▸ Saved entries
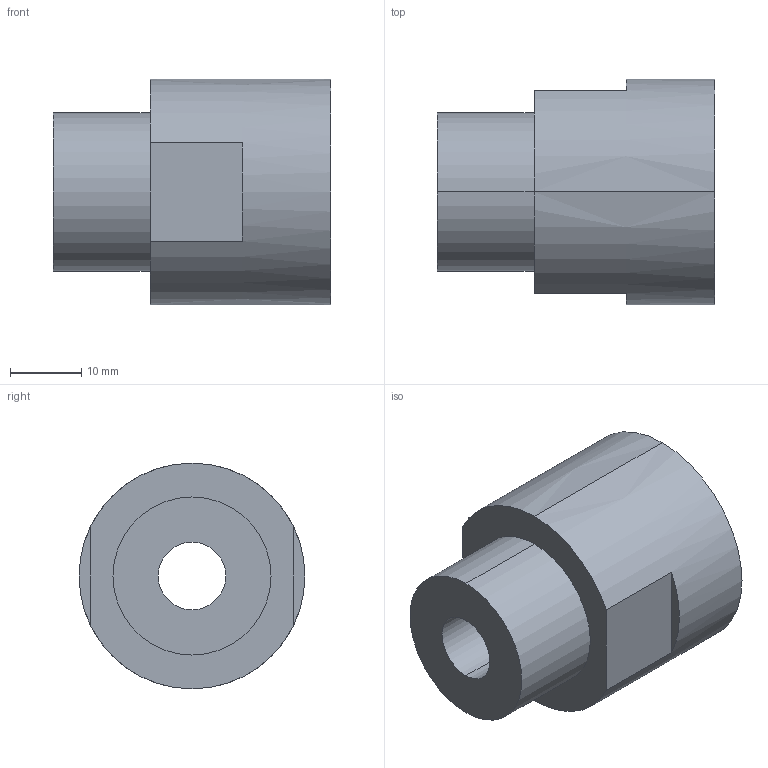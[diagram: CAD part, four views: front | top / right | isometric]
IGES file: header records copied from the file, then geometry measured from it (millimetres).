
Start section: SolidWorks IGES file using analytic representation for surfaces
Global section: file name: S:\Product Visuals\FILES FOR PUBLICATION\SOLID MODELS FOR PUBLICATION\30\5\6\n-(female-npt)\7\fitting-fnpt-06.IGS; native system: SolidWorks 2012; preprocessor: SolidWorks 2012; author: rachel.dressel; date: 121112.162108; units: inch
Bounding box: 39.01 x 31.75 x 31.75 mm (x, y, z)
Volume: 20586.9 mm3; surface area: 6358.7 mm2
Topology: 1 solids, 1 shells, 16 faces, 36 edges, 24 vertices
Faces by surface type: revolution 8, plane 8
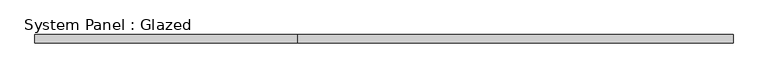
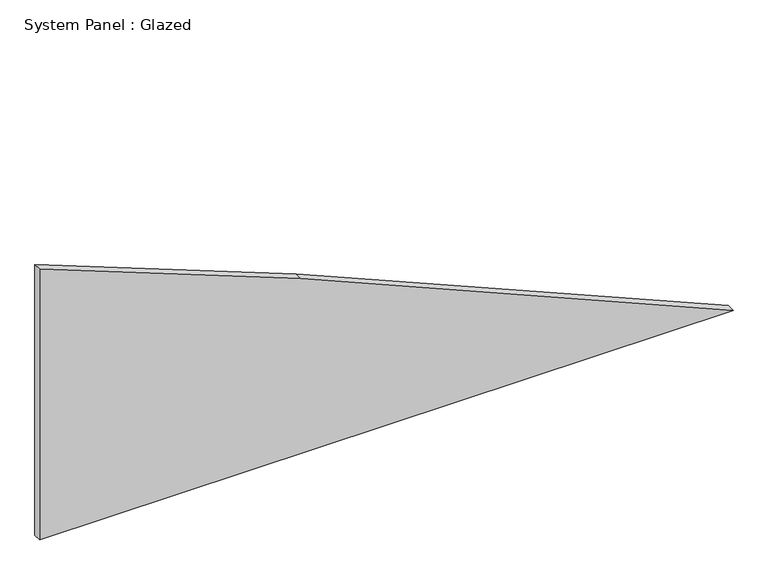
"""IFC4 building model written with IfcOpenShell, lengths in millimetres: plate geometry, System Panel : Glazed."""

from ifc_helpers import new_model, si_unit, frame, origin, place, context, project, spatial, polyline, outline, extrude, source, transform, mapped, element, save


def system_panel_glazed_c1ebde9c(model_context):
    return source(origin(), model_context, "Body", "SweptSolid", [
        extrude(outline(polyline([(0.0, -1074.7971895), (0.0, 1074.7971895), (573.3990301, -265.1718263), (888.3246927, -1074.7971895), (0.0, -1074.7971895)])), frame((0.0, 19.05, 0.0), z_axis=(0.0, 1.0, 0.0), x_axis=(0.0, 0.0, 1.0)), (0.0, 0.0, 1.0), 25.4),
    ])


if __name__ == "__main__":
    model = new_model("IFC4")
    model_context = context("Model", 3, world=origin())
    ifc_project = project(units=[si_unit("LENGTHUNIT", "METRE", prefix="MILLI")], contexts=[model_context])
    site = spatial("IfcSite", under=ifc_project)
    building = spatial("IfcBuilding", under=site)
    placement = place(None, origin())
    system_panel_glazed_shape = system_panel_glazed_c1ebde9c(model_context)
    element("IfcPlate", 1, ObjectType="System Panel : Glazed", at=placement, inside=building, context=model_context, shape_type="MappedRepresentation", body=[
        mapped(system_panel_glazed_shape, transform((0.0, 0.0, 0.0), x_axis=(1.0, 0.0, 0.0), y_axis=(0.0, 1.0, 0.0), z_axis=(0.0, 0.0, 1.0))),
    ])
    save(model, "model.ifc")
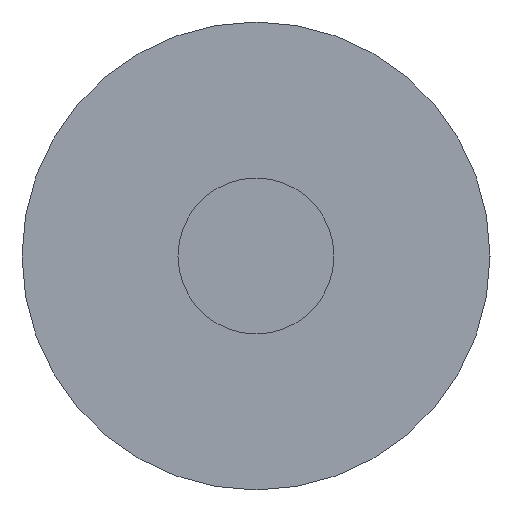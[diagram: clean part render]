
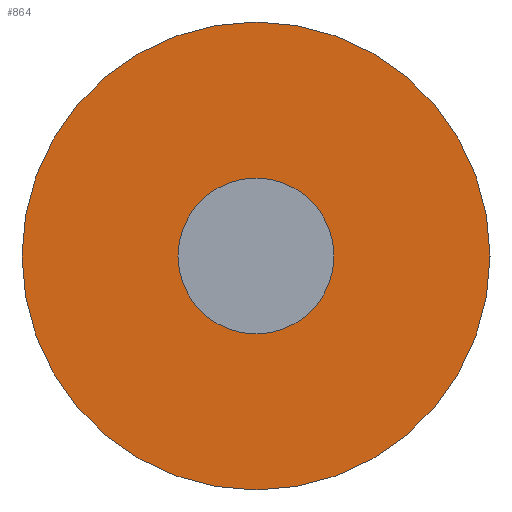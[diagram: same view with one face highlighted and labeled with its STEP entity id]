
A CAD part, left-side view. The second image highlights one B-rep face of the part: STEP entity #864.
In plain terms, the highlighted planar face has unit normal (-1, 0, 0).
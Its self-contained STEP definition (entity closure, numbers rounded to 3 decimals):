
#864 = ADVANCED_FACE( '', ( #2150, #2151 ), #2152, .F. );
#2150 = FACE_BOUND( '', #3875, .T. );
#2151 = FACE_OUTER_BOUND( '', #3876, .T. );
#2152 = PLANE( '', #3877 );
#3875 = EDGE_LOOP( '', ( #6004 ) );
#3876 = EDGE_LOOP( '', ( #6005 ) );
#3877 = AXIS2_PLACEMENT_3D( '', #6006, #6007, #6008 );
#6004 = ORIENTED_EDGE( '', *, *, #7504, .F. );
#6005 = ORIENTED_EDGE( '', *, *, #7865, .T. );
#6006 = CARTESIAN_POINT( '', ( -125., 0., 15. ) );
#6007 = DIRECTION( '', ( 1., 0., 0. ) );
#6008 = DIRECTION( '', ( 0., 0., -1. ) );
#7504 = EDGE_CURVE( '', #8463, #8463, #8464, .T. );
#7865 = EDGE_CURVE( '', #9031, #9031, #9032, .T. );
#8463 = VERTEX_POINT( '', #9751 );
#8464 = CIRCLE( '', #9752, 5. );
#9031 = VERTEX_POINT( '', #10319 );
#9032 = CIRCLE( '', #10320, 15. );
#9751 = CARTESIAN_POINT( '', ( -125., 0., 5. ) );
#9752 = AXIS2_PLACEMENT_3D( '', #11087, #11088, #11089 );
#10319 = CARTESIAN_POINT( '', ( -125., 0., 15. ) );
#10320 = AXIS2_PLACEMENT_3D( '', #11708, #11709, #11710 );
#11087 = CARTESIAN_POINT( '', ( -125., 0., 0. ) );
#11088 = DIRECTION( '', ( -1., 0., 0. ) );
#11089 = DIRECTION( '', ( 0., 0., 1. ) );
#11708 = CARTESIAN_POINT( '', ( -125., 0., 0. ) );
#11709 = DIRECTION( '', ( -1., 0., 0. ) );
#11710 = DIRECTION( '', ( 0., 0., 1. ) );

▸ EXERCISE DIRECTIONS
Send back every record exactly as it stands, except the pictures.

▸ OUTPUT BELOW
[diagram: CAD part, four views: front | top / right | isometric]
IGES file: header records copied from the file, then geometry measured from it (millimetres).
Start section: SolidWorks IGES file using analytic representation for surfaces
Global section: file name: S:\Product Visuals\FILES FOR PUBLICATION\SOLID MODELS FOR PUBLICATION\30\5\6\n-(female-npt)\7\fitting-fnpt-06.IGS; native system: SolidWorks 2012; preprocessor: SolidWorks 2012; author: rachel.dressel; date: 121112.162108; units: inch
Bounding box: 39.01 x 31.75 x 31.75 mm (x, y, z)
Volume: 20586.9 mm3; surface area: 6358.7 mm2
Topology: 1 solids, 1 shells, 16 faces, 36 edges, 24 vertices
Faces by surface type: revolution 8, plane 8
"""IFC4 building model written with IfcOpenShell, lengths in millimetres: plate geometry, System Panel : Glazed."""

from ifc_helpers import new_model, si_unit, frame, origin, place, context, project, spatial, polyline, outline, extrude, source, transform, mapped, element, save


def system_panel_glazed_c1ebde9c(model_context):
    return source(origin(), model_context, "Body", "SweptSolid", [
        extrude(outline(polyline([(0.0, -1074.7971895), (0.0, 1074.7971895), (573.3990301, -265.1718263), (888.3246927, -1074.7971895), (0.0, -1074.7971895)])), frame((0.0, 19.05, 0.0), z_axis=(0.0, 1.0, 0.0), x_axis=(0.0, 0.0, 1.0)), (0.0, 0.0, 1.0), 25.4),
    ])


if __name__ == "__main__":
    model = new_model("IFC4")
    model_context = context("Model", 3, world=origin())
    ifc_project = project(units=[si_unit("LENGTHUNIT", "METRE", prefix="MILLI")], contexts=[model_context])
    site = spatial("IfcSite", under=ifc_project)
    building = spatial("IfcBuilding", under=site)
    placement = place(None, origin())
    system_panel_glazed_shape = system_panel_glazed_c1ebde9c(model_context)
    element("IfcPlate", 1, ObjectType="System Panel : Glazed", at=placement, inside=building, context=model_context, shape_type="MappedRepresentation", body=[
        mapped(system_panel_glazed_shape, transform((0.0, 0.0, 0.0), x_axis=(1.0, 0.0, 0.0), y_axis=(0.0, 1.0, 0.0), z_axis=(0.0, 0.0, 1.0))),
    ])
    save(model, "model.ifc")
[diagram: clean part render]
[diagram: same view with one face highlighted and labeled with its STEP entity id]
A CAD part, left-side view. The second image highlights one B-rep face of the part: STEP entity #864.
In plain terms, the highlighted planar face has unit normal (-1, 0, 0).
Its self-contained STEP definition (entity closure, numbers rounded to 3 decimals):
#864 = ADVANCED_FACE( '', ( #2150, #2151 ), #2152, .F. );
#2150 = FACE_BOUND( '', #3875, .T. );
#2151 = FACE_OUTER_BOUND( '', #3876, .T. );
#2152 = PLANE( '', #3877 );
#3875 = EDGE_LOOP( '', ( #6004 ) );
#3876 = EDGE_LOOP( '', ( #6005 ) );
#3877 = AXIS2_PLACEMENT_3D( '', #6006, #6007, #6008 );
#6004 = ORIENTED_EDGE( '', *, *, #7504, .F. );
#6005 = ORIENTED_EDGE( '', *, *, #7865, .T. );
#6006 = CARTESIAN_POINT( '', ( -125., 0., 15. ) );
#6007 = DIRECTION( '', ( 1., 0., 0. ) );
#6008 = DIRECTION( '', ( 0., 0., -1. ) );
#7504 = EDGE_CURVE( '', #8463, #8463, #8464, .T. );
#7865 = EDGE_CURVE( '', #9031, #9031, #9032, .T. );
#8463 = VERTEX_POINT( '', #9751 );
#8464 = CIRCLE( '', #9752, 5. );
#9031 = VERTEX_POINT( '', #10319 );
#9032 = CIRCLE( '', #10320, 15. );
#9751 = CARTESIAN_POINT( '', ( -125., 0., 5. ) );
#9752 = AXIS2_PLACEMENT_3D( '', #11087, #11088, #11089 );
#10319 = CARTESIAN_POINT( '', ( -125., 0., 15. ) );
#10320 = AXIS2_PLACEMENT_3D( '', #11708, #11709, #11710 );
#11087 = CARTESIAN_POINT( '', ( -125., 0., 0. ) );
#11088 = DIRECTION( '', ( -1., 0., 0. ) );
#11089 = DIRECTION( '', ( 0., 0., 1. ) );
#11708 = CARTESIAN_POINT( '', ( -125., 0., 0. ) );
#11709 = DIRECTION( '', ( -1., 0., 0. ) );
#11710 = DIRECTION( '', ( 0., 0., 1. ) );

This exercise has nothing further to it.